既然“中國道路”至今還是一個未完成的方案,那前進道路上必然就還會出現挫折與反復甚至是失敗,這是一個不容回避的現實問題。對于已經歷過的中國革命道路、中國建設道路是怎樣趟過來的,其中積累了哪些經驗與教訓,我們如何去分析總結?對于走到今天的中國特色社會主義道路,未來的路徑如何開拓?同樣是一個決定著中國夢能否實現的不可逾越的現實問題。
記者:中國道路的理論與實踐來源有哪些?中國走向現代化的道路與西方現代化道路一樣嗎?

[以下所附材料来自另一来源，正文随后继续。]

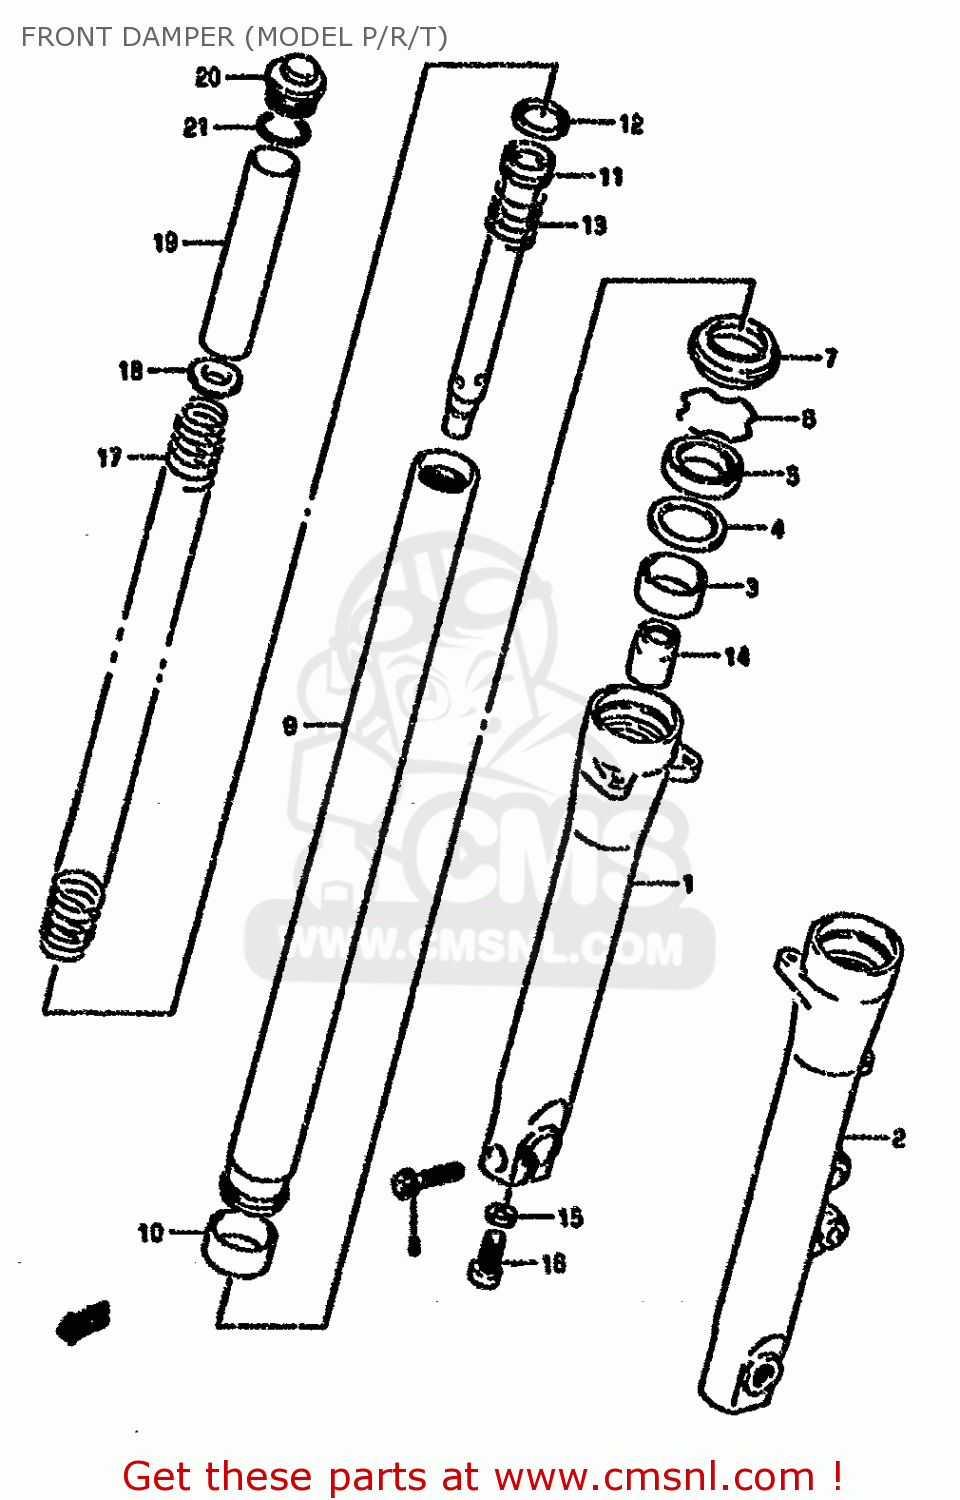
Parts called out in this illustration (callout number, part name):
1	TUBE,OUTER,RIGHT
2	TUBE,OUTER,L
3	METAL,SLIDE
4	WASHER,FORK OIL SEAL
5	OIL SEAL,FRONT FORK
6	RING,OIL SEAL STOPPER
7	SEAL,DUST
8	BOLT
9	TUBE,INNER
10	PISTON
11	CYLINDER
12	RING,PISTON
13	SPRING,REBOUND
14	PIECE,OIL LOCK
15	GASKET (NAS)
16	BOLT,FORK CYLINDER(10X25)
17	SPRING,MAIN
18	WASHER
19	SPACER,SPRING
20	CAP,FORK
21	O RING

賀新元:當前,中國正處于一個社會大轉型的關鍵時刻。在中國特色社會主義道路上,進一步推進中國社會成功轉型為一個現代文明秩序,至少必須汲取三個方面的理論與實踐資源:第一,從20世紀社會主義實踐的歷史經驗教訓中汲取營養,這是來自社會主義方面;第二,從15世紀以來資本主義所走過的道路及其所取得的經驗教訓中獲得啟示,這是來自資本主義方面;第三,從戰后新獨立的發展中國家走過的道路與遇到的困境中找到靈感,這是來自發展中國家方面。汲取來的資源必須與中國自己文化(包括傳統文化、革命文化、建設文化與改革開放文化)特別是具有5000多年歷史的悠久文明相結合。“中國特色”的一個主要內涵就是中國文化的特色,也就是說,中國要建構的社會主義現代化文明秩序是一種具有中國文化性格的現代文明秩序。它需要一代又一代中國人共同為之努力,正如鄧小平所說的:“需要我們幾代人,十幾代人,甚至幾十代人堅持不懈地努力奮斗”。雖然,目前資本主義在全球還占主導地位,但中國特色社會主義道路在與全球資本主義的長期博弈中,一定能夠大放光彩,實現中華民族偉大復興的中國夢。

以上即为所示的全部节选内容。